The Day We Went Left

The Day We Went Left

As of yesterday, Heath Joske hadn’t been on a snowboard in 13 years – too busy chasing surf around the world. Now, after a wrong turn, he’s boot-packing with pro boarders Robin Van Gyn and Forrest Shearer in the backcountry of New Zealand’s Southern Alps.

There’s an unwritten rule in Wanaka that when it snows like it did last night, you’re half-expected to cut from work or school (maybe at least for the morning) to take advantage and get in a few runs. Well it dumped almost two feet of fresh powder overnight and we’re looking at a bluebird day.

Robin and I are stoked to be chasing winter here in New Zealand, and it’s even better that we get to show our buddy Heath a bit of our world on the mountain.

We’d all gotten in a few good runs before Robin and I peeled off to the left to stretch our legs away from the crowds, boot packing up to check out the ridgeline. We’re headed back up after a run and I hear “Case!...Hey! Casey!”

Someone is calling out behind me, but it’s just me and Robin on this side of the mountain. We had started as a four-some but Heath Joske and Glen Casey, both surfers, were sticking to the groomed runs. As of yesterday, Heath hadn’t even been on a snowboard in 13 years – too busy chasing surf around the world.  



“Casey!” I hear again. I turn around to see Heath trudging towards me. “Shit mate, I only followed you because I thought you were Glen,” he says, frustrated, exhausted. But I was glad to see him. If we’d left it up to Heath to decide he’s ready to go off-piste with us, it might not be this trip.

“Hell yeah, brother! You’ll be alright” I say with a pat on the shoulder. I reckon this is my favourite crossover to watch these days. Surfers may be out of the water and out of their element, but as soon as they get on the mountain and strap into the board, the froth is real.

“I’m still figuring out how to get off the bloody lift” he says, sounding defeated as we boot pack up a chute. Robin points out to me that “even though he feels like he’s out of his depth, he wasn’t anxious until he realized you were the wrong person. He was totally doing it.” She’s so right, it’s easy to get intimidated when you’re in a new arena, especially with people who are so at home there. We’ve both been there before, and will be again when we go surfing in a few days.

But right now we’re still on a good 45-minute thigh-burner and he’s not just keeping up, Heath’s actually out ahead head of us. Ocean or not, he’s still a top athlete.

Finally on the other side, the mountain opens up into an epic view and a landscape of options, and for a moment we’re just awe-struck, taking it in. Heath breaks the silence. “I was shitting bricks back there,” he shares from the safety of semi-flat ground.

“You’re good, Heath! Just do what you know how to do,” encourages Robin.

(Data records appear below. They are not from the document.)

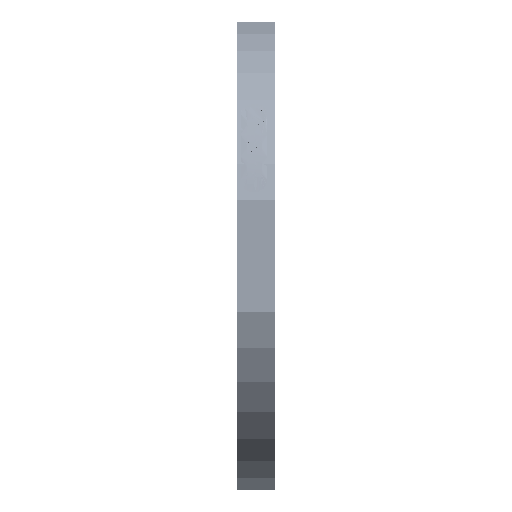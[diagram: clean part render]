
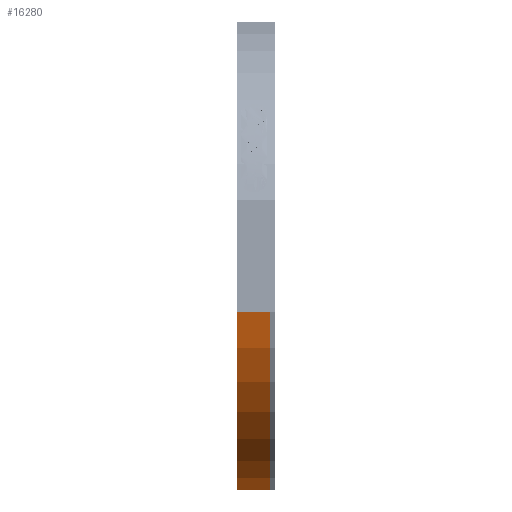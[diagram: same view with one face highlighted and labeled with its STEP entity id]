
A CAD part, left-side view. The second image highlights one B-rep face of the part: STEP entity #16280.
In plain terms, the highlighted cylindrical face has radius 91.694 mm (diameter 183.388 mm), a partial arc.
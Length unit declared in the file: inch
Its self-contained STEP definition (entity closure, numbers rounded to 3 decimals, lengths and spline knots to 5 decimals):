
#440 = DIRECTION ( 'NONE',  ( 0., 0., -1. ) ) ;
#1255 = CIRCLE ( 'NONE', #15032, 3.61 ) ;
#3586 = CARTESIAN_POINT ( 'NONE',  ( 0., 0., -0.1261 ) ) ;
#4408 = CARTESIAN_POINT ( 'NONE',  ( -0.8438, 3.51, -0.61123 ) ) ;
#6420 = EDGE_CURVE ( 'NONE', #36956, #13741, #1255, .T. ) ;
#6894 = CARTESIAN_POINT ( 'NONE',  ( -3.51, 0.8438, -0.1261 ) ) ;
#11353 = ORIENTED_EDGE ( 'NONE', *, *, #34179, .F. ) ;
#13741 = VERTEX_POINT ( 'NONE', #20832 ) ;
#15032 = AXIS2_PLACEMENT_3D ( 'NONE', #17400, #47092, #69888 ) ;
#16115 = VERTEX_POINT ( 'NONE', #29816 ) ;
#16280 = ADVANCED_FACE ( 'NONE', ( #63008 ), #61163, .T. ) ;
#17400 = CARTESIAN_POINT ( 'NONE',  ( 0., 0., -0.61123 ) ) ;
#18747 = EDGE_LOOP ( 'NONE', ( #11353, #36408, #62797, #46376 ) ) ;
#20832 = CARTESIAN_POINT ( 'NONE',  ( -3.51, 0.8438, -0.61123 ) ) ;
#28150 = LINE ( 'NONE', #35160, #53314 ) ;
#29816 = CARTESIAN_POINT ( 'NONE',  ( -0.8438, 3.51, -0.1261 ) ) ;
#33046 = DIRECTION ( 'NONE',  ( 1., 0., 0. ) ) ;
#34179 = EDGE_CURVE ( 'NONE', #16115, #49254, #51729, .T. ) ;
#34936 = CARTESIAN_POINT ( 'NONE',  ( -0.8438, 3.51, -0.00194 ) ) ;
#35160 = CARTESIAN_POINT ( 'NONE',  ( -3.51, 0.8438, -0.00194 ) ) ;
#36408 = ORIENTED_EDGE ( 'NONE', *, *, #58803, .T. ) ;
#36529 = EDGE_CURVE ( 'NONE', #13741, #49254, #28150, .T. ) ;
#36956 = VERTEX_POINT ( 'NONE', #4408 ) ;
#37825 = DIRECTION ( 'NONE',  ( 0., 0., 1. ) ) ;
#45430 = DIRECTION ( 'NONE',  ( 1., 0., 0. ) ) ;
#46376 = ORIENTED_EDGE ( 'NONE', *, *, #36529, .T. ) ;
#47092 = DIRECTION ( 'NONE',  ( 0., 0., 1. ) ) ;
#49254 = VERTEX_POINT ( 'NONE', #6894 ) ;
#51437 = DIRECTION ( 'NONE',  ( 0., 0., 1. ) ) ;
#51729 = CIRCLE ( 'NONE', #54209, 3.61 ) ;
#53314 = VECTOR ( 'NONE', #63295, 39.37008 ) ;
#54209 = AXIS2_PLACEMENT_3D ( 'NONE', #3586, #37825, #33046 ) ;
#56942 = LINE ( 'NONE', #34936, #61407 ) ;
#58795 = AXIS2_PLACEMENT_3D ( 'NONE', #67714, #51437, #45430 ) ;
#58803 = EDGE_CURVE ( 'NONE', #16115, #36956, #56942, .T. ) ;
#61163 = CYLINDRICAL_SURFACE ( 'NONE', #58795, 3.61 ) ;
#61407 = VECTOR ( 'NONE', #440, 39.37008 ) ;
#62797 = ORIENTED_EDGE ( 'NONE', *, *, #6420, .T. ) ;
#63008 = FACE_OUTER_BOUND ( 'NONE', #18747, .T. ) ;
#63295 = DIRECTION ( 'NONE',  ( 0., 0., 1. ) ) ;
#67714 = CARTESIAN_POINT ( 'NONE',  ( 0., 0., -0.00194 ) ) ;
#69888 = DIRECTION ( 'NONE',  ( 1., 0., 0. ) ) ;

Then there’s nothing left to do but drop in. Right away we’re cruising some wide open, uncrowded terrain. For the first time, Heath has a length of proper powder to just glide from turn to turn and let his surf style come out. You can’t do that on the groomed runs, especially on the best snow day of the year.

It’s a perfect day of riding with friends, watching each other rip turns and seeing my buddy quickly adapt his technique from the ocean and apply it to the mountain, surfing long, frozen waves, and conquering a few burly hike missions with Robin and myself.

Ultimately whether on the mountain or in the ocean, we’re all just after that feeling of flying, and getting to share it only fuels the fire.  There’s something so gratifying about taking someone with you who you know will love it, and getting to show them your world.

Next we’ll be in on the coast in Heath’s world. Hopefully he’s not holding a grudge about that hike we took him on.